[Excerpts from a dataset]

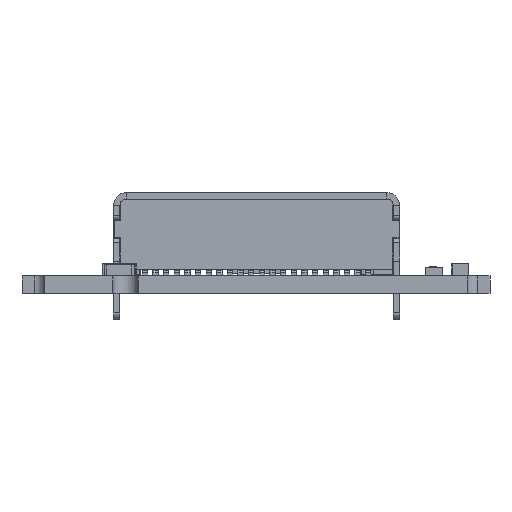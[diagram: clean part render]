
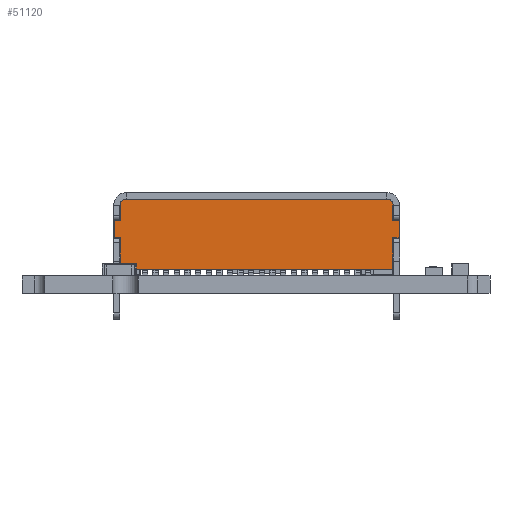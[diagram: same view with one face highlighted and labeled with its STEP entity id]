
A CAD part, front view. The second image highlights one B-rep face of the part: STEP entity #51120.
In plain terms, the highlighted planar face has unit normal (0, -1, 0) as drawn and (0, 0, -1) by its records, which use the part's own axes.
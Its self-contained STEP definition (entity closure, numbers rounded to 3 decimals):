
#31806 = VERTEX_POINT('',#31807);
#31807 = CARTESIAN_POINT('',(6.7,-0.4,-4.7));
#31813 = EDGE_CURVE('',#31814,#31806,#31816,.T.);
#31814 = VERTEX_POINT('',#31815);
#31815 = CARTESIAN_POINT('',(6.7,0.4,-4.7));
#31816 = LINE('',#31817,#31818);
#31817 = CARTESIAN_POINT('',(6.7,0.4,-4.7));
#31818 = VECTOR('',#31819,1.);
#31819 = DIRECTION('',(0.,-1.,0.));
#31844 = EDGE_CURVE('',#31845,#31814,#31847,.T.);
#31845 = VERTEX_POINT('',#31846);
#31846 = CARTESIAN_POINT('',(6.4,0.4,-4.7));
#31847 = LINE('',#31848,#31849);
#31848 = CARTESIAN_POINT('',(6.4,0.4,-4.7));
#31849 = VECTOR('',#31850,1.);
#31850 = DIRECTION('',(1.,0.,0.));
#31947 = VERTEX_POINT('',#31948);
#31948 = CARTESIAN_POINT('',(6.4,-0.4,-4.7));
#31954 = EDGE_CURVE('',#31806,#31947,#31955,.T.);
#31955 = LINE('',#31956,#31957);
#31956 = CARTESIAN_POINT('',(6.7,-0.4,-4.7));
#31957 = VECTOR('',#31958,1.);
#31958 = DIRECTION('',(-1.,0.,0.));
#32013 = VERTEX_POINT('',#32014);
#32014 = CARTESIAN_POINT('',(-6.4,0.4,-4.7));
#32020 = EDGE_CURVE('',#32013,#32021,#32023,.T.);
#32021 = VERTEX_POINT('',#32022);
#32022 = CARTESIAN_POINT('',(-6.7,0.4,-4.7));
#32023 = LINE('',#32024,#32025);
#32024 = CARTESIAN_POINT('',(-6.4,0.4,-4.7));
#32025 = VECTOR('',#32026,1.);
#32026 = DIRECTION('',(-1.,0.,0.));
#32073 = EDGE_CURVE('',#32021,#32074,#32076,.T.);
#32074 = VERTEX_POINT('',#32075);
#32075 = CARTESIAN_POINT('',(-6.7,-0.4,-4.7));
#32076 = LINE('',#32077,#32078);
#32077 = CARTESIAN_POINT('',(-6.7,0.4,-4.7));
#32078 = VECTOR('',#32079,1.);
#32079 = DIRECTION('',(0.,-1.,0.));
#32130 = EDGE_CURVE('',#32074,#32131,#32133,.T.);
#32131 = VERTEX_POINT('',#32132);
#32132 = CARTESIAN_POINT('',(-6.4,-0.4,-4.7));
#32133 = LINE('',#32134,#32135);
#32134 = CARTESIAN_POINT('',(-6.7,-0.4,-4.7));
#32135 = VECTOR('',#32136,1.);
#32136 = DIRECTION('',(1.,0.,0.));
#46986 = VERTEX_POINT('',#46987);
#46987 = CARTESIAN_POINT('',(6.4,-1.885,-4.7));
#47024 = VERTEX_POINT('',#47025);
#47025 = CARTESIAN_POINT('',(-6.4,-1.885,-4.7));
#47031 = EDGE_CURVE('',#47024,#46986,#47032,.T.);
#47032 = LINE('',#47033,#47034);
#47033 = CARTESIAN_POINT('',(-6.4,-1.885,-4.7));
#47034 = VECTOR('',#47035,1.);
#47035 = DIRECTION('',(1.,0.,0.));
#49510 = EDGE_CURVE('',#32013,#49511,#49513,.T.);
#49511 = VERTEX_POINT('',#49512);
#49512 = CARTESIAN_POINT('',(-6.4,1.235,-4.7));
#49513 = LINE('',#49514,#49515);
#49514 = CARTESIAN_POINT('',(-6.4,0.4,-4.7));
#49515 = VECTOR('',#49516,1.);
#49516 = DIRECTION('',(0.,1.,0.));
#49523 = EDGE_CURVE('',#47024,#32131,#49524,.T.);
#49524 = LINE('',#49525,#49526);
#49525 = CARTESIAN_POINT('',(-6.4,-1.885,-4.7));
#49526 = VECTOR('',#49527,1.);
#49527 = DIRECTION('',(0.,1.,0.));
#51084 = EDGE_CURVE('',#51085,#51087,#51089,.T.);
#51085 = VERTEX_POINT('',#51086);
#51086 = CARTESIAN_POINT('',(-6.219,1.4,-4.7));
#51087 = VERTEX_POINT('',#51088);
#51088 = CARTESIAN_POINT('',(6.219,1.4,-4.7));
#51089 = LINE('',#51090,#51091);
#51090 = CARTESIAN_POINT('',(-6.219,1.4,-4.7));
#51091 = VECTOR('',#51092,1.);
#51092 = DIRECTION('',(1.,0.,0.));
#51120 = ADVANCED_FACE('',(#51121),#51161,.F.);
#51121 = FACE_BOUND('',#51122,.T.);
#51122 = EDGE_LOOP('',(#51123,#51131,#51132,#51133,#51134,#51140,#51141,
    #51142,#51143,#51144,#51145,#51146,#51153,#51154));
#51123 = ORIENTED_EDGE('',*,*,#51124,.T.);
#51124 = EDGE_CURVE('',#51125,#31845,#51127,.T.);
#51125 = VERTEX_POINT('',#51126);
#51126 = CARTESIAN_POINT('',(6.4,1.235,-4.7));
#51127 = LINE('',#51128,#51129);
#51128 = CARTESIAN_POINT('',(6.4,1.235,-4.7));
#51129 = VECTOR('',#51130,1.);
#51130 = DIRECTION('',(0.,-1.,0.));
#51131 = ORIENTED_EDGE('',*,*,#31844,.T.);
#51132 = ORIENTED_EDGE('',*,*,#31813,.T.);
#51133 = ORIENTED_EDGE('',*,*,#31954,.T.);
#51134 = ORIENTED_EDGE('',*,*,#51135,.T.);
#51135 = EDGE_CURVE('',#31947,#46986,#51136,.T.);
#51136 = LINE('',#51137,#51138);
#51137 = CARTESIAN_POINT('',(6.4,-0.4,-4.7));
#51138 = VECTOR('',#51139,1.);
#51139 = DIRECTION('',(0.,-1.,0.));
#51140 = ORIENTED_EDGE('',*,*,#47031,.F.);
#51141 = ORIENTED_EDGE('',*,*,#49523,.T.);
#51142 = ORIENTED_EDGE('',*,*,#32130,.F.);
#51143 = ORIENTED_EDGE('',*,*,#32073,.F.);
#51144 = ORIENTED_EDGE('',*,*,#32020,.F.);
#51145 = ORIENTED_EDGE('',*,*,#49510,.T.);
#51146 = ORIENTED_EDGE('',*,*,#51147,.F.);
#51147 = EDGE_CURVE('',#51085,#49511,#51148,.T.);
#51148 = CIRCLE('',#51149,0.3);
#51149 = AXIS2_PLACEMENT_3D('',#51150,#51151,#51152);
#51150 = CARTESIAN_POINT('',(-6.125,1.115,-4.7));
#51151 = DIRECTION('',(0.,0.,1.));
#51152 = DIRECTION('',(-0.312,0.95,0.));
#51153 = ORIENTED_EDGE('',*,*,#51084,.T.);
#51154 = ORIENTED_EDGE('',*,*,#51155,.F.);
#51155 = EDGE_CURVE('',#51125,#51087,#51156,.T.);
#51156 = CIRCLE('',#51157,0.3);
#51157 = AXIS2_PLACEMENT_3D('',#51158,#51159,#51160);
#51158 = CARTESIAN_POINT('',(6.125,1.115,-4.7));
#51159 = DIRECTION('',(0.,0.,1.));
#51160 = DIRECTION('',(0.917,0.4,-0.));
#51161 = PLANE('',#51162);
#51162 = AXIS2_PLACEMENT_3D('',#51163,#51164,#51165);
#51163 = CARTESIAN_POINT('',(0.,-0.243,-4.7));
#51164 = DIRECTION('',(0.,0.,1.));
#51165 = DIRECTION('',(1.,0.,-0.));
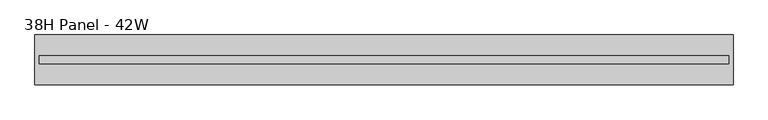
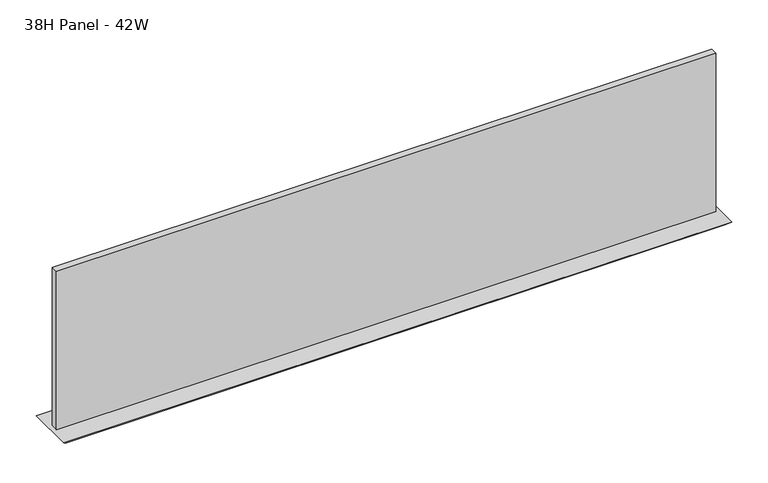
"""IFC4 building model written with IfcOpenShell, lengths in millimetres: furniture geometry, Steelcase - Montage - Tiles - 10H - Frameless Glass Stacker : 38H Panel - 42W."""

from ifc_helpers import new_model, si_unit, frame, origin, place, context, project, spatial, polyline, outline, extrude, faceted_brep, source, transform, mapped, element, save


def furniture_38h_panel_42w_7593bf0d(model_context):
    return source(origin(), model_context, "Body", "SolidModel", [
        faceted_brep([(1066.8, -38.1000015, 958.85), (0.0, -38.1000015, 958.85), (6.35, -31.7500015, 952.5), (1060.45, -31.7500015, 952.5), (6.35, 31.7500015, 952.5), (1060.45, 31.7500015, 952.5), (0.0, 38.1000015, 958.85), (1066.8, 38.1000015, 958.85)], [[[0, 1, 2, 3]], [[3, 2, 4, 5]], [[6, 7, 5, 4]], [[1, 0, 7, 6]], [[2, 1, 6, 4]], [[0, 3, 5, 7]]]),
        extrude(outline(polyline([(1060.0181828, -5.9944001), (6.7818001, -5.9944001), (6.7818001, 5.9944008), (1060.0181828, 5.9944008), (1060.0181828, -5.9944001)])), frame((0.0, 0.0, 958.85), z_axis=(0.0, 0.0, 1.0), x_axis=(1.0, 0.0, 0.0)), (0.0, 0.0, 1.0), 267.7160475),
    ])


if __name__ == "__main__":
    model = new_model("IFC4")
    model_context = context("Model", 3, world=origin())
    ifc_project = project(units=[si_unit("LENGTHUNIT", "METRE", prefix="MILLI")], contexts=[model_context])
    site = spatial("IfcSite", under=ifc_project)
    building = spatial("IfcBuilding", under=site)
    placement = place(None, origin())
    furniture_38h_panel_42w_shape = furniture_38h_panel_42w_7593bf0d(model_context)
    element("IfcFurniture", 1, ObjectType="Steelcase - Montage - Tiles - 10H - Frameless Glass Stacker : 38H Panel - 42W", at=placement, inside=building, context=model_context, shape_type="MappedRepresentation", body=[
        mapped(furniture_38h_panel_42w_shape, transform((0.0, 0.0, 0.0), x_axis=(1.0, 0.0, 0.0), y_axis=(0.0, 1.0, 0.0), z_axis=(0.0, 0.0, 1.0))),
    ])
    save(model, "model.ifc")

_Task to carry out_
Given the records above, reproduce precisely and only the lines between the line holding "#31814 = VERTEX_POINT('',#31815);" and the line holding "#31958 = DIRECTION('',(-1.,0.,0.));", inclusive.

_Written solution_
#31814 = VERTEX_POINT('',#31815);
#31815 = CARTESIAN_POINT('',(6.7,0.4,-4.7));
#31816 = LINE('',#31817,#31818);
#31817 = CARTESIAN_POINT('',(6.7,0.4,-4.7));
#31818 = VECTOR('',#31819,1.);
#31819 = DIRECTION('',(0.,-1.,0.));
#31844 = EDGE_CURVE('',#31845,#31814,#31847,.T.);
#31845 = VERTEX_POINT('',#31846);
#31846 = CARTESIAN_POINT('',(6.4,0.4,-4.7));
#31847 = LINE('',#31848,#31849);
#31848 = CARTESIAN_POINT('',(6.4,0.4,-4.7));
#31849 = VECTOR('',#31850,1.);
#31850 = DIRECTION('',(1.,0.,0.));
#31947 = VERTEX_POINT('',#31948);
#31948 = CARTESIAN_POINT('',(6.4,-0.4,-4.7));
#31954 = EDGE_CURVE('',#31806,#31947,#31955,.T.);
#31955 = LINE('',#31956,#31957);
#31956 = CARTESIAN_POINT('',(6.7,-0.4,-4.7));
#31957 = VECTOR('',#31958,1.);
#31958 = DIRECTION('',(-1.,0.,0.));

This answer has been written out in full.